Parts of Oregon saw record snowfall last week. However, despite no precipitation falling for days, most places are still dealing with piles of snow and ice.
Though the mercury will rise for much of Oregon at the start of the week, warmer temperatures don't spell an end to potential problems.
A weather system sometimes referred to as a "pineapple express" is expected to dump heavy rains starting on the coast, moving through the Willamette Valley and into central Oregon by Wednesday, according to the National Weather Service in Pendleton.
Heavy rain plus melting snow opens the door to possible flooding.

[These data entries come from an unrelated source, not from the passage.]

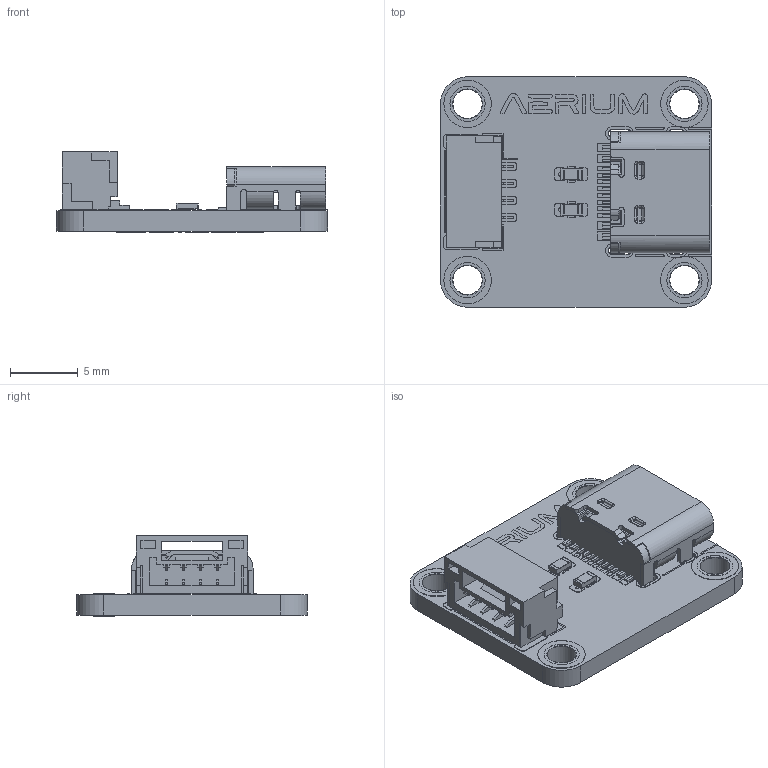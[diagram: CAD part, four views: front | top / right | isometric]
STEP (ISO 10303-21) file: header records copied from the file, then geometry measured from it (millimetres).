
FILE_DESCRIPTION(/* description */ ('KiCad electronic assembly'),/* implementation_level */ '2;1');
FILE_NAME(/* name */ 'USB_Cable_Female_C.step',/* time_stamp */ '2026-09-15T16:39:32+03:00',/* author */ (''),/* organization */ (''),/* preprocessor_version */ 'ST-DEVELOPER v20.1',/* originating_system */ 'Autodesk Translation Framework v15.8.0.0',/* authorisation */ '');
FILE_SCHEMA (('AUTOMOTIVE_DESIGN { 1 0 10303 214 3 1 1 }'));
Length unit declared in the file: millimetre
Products named in the file (12): 2026-09-15-13-37-01-177; 2026-09-15-13-37-01-178; 2026-09-15-13-37-01-179; 2026-09-15-13-37-01-180; 2026-09-15-13-37-01-181; 2026-09-15-13-37-01-182; 2026-09-15-13-37-01-184; SC009_USB_Cable_Female_C_pad; 2026-09-15-13-37-01-192; 2026-09-15-13-37-01-193; 2026-09-15-13-37-01-194; 2026-09-15-13-37-01-183
Assembly tree (12 placements, depth 3):
  2026-09-15-13-37-01-177
    2026-09-15-13-37-01-178
      2026-09-15-13-37-01-179
      2026-09-15-13-37-01-180
      2026-09-15-13-37-01-181
      2026-09-15-13-37-01-182
    2026-09-15-13-37-01-183  x2
    2026-09-15-13-37-01-184
    SC009_USB_Cable_Female_C_pad
    2026-09-15-13-37-01-192
    2026-09-15-13-37-01-193
    2026-09-15-13-37-01-194
Bounding box: 20 x 17 x 5.92 mm (x, y, z)
Volume: 668.6 mm3; surface area: 1988.8 mm2
Topology: 66 solids, 91 shells, 1278 faces, 3537 edges, 2401 vertices
Faces by surface type: plane 880, cylinder 334, sphere 32, torus 26, cone 6
Full cylindrical faces by diameter (mm): 0.25 x2, 0.5 x2, 0.65 x2, 2.15 x20, 2.2 x8, 2.6 x8, 3.5 x8
Entity records: 40260 total; most frequent: CARTESIAN_POINT 7095, DIRECTION 6727, ORIENTED_EDGE 6409, EDGE_CURVE 3437, LINE 2689, VECTOR 2689, VERTEX_POINT 2357, AXIS2_PLACEMENT_3D 2019
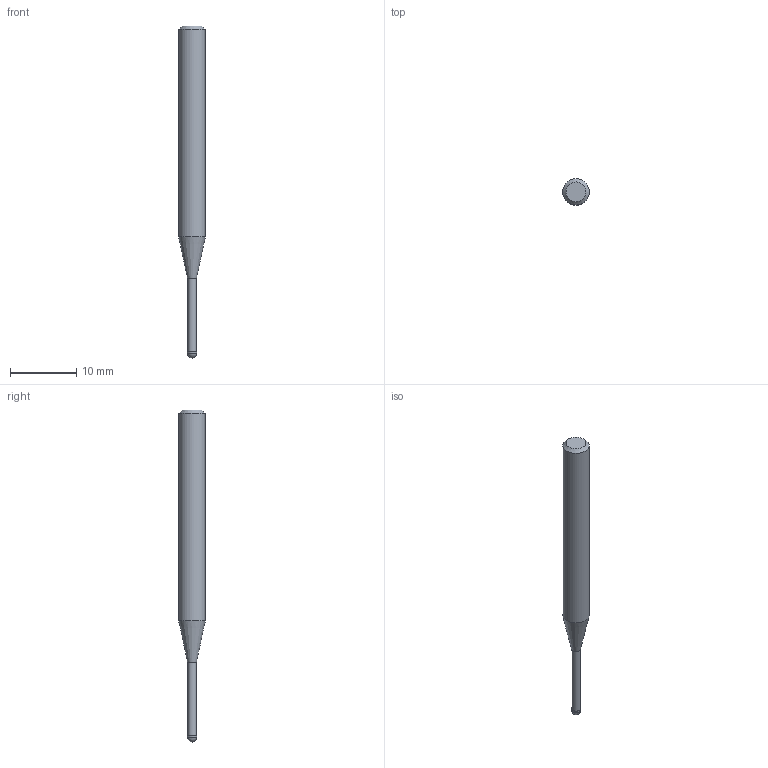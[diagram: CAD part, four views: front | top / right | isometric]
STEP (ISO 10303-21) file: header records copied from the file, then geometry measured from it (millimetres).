
FILE_DESCRIPTION((''),'2;1');
FILE_NAME('C:\Users\nsx150\AppData\Local\Temp\Mastercam 2021\ARV7HD45SN\TEMP.step','2023-06-13T16:36:14',(''),(''),'STEP Write','Mastercam 2021 ... CNC Software, Inc.','');
FILE_SCHEMA(('AUTOMOTIVE_DESIGN'));
Length unit declared in the file: millimetre
Products named in the file (1): None
Bounding box: 4 x 4 x 50 mm (x, y, z)
Volume: 452.6 mm3; surface area: 515.3 mm2
Topology: 2 solids, 2 shells, 9 faces, 14 edges, 8 vertices
Faces by surface type: plane 3, cylinder 3, cone 2, sphere 1
Full cylindrical faces by diameter (mm): 1.35 x1, 1.4 x1, 4 x1
Entity records: 211 total; most frequent: DIRECTION 36, CARTESIAN_POINT 25, AXIS2_PLACEMENT_3D 18, ORIENTED_EDGE 14, EDGE_LOOP 14, STYLED_ITEM 12, ADVANCED_FACE 9, FACE_BOUND 8
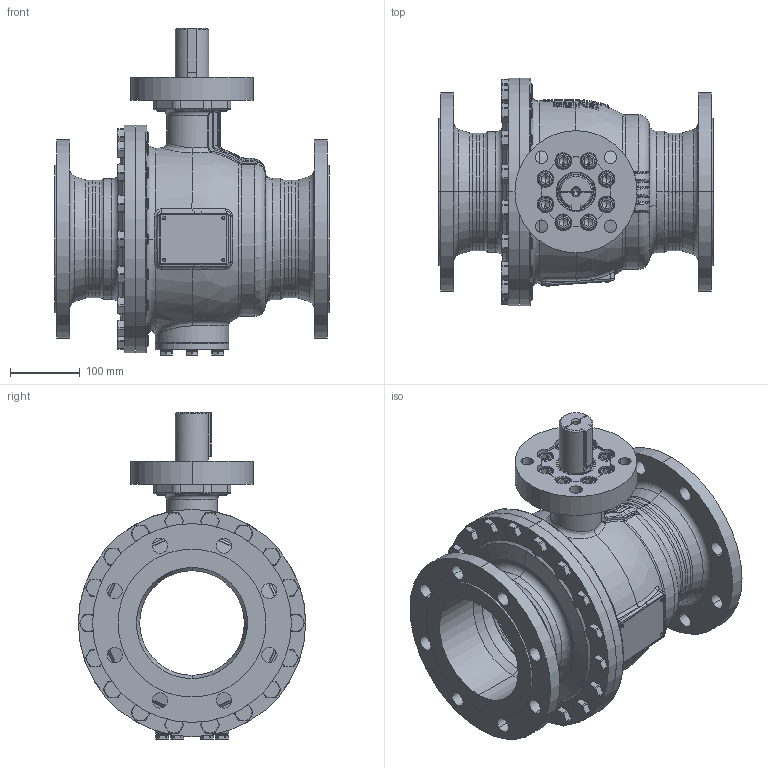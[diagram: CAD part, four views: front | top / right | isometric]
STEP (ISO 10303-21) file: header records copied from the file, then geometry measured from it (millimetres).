
FILE_DESCRIPTION((''),'2;1');
FILE_NAME('KHI-F_150_PN010-F14-P_SW0001','2026-02-05T11:07:16',('fischerkl'),('KLINGER'),'CREO PARAMETRIC BY PTC INC, 2023014','CREO PARAMETRIC BY PTC INC, 2023014','');
FILE_SCHEMA(('CONFIG_CONTROL_DESIGN'));
Products named in the file (1): KHI-F_150_PN010-F14-P_SW0001
Bounding box: 394 x 326 x 469.2 mm (x, y, z)
Volume: 8039162.1 mm3; surface area: 1559726.6 mm2
Topology: 1 solids, 4 shells, 3724 faces, 9564 edges, 5969 vertices
Faces by surface type: plane 2283, cylinder 680, cone 362, torus 258, bspline 113, sphere 28
Entity records: 144686 total; most frequent: CARTESIAN_POINT 56460, ORIENTED_EDGE 19076, DIRECTION 17435, EDGE_CURVE 9538, AXIS2_PLACEMENT_3D 6146, VERTEX_POINT 5969, VECTOR 5143, LINE 5143

"The message here is definite change in the weather pattern from cold and winter to snowmelt and milder temperatures," said Vaaron Allen with the NWS in Pendleton. "So we can’t rule out the potential for some minor flooding issues."
Allen said some Oregon waterways may reach or breach their banks. Culverts blocked by snow and debris could also cause flooding.
However, Allen said the NWS does not currently anticipate major issues.
Some parts of Portland saw more than a foot of snow during the big storm. Despite some sun, frigid temperatures has kept most of the snow around into the weekend. Any snow and ice yet to melt will likely last through Sunday with more cold weather forecast.
Dave Thompson with the Oregon Department of Transportation said drivers should be wary of lingering snow and ice.
"The roads will be icy. People need to expect that any trip they take — whether it be a quick trip to the store or a long trip to grandmas — is going to take longer," Thompson said. "Expect it to take longer. Expect to go slower."
ODOT crews are using a number of strategies to combat ice buildup — including rock salt. The agency reversed a policy nixing the use of salt after gridlock crippled Portland roads during a mid-December snowstorm.
The agency used salt sparingly, but Thompson said where they used salt, it "worked very well."
Severe weather warming centers in Multnomah County will remain open through Monday night. An estimated 723 people stayed in warming centers overnight Saturday – that’s the most so far this winter.
Warming centers are accepting donations of rain gear and tarps, which will be distributed Tuesday morning as warming centers close.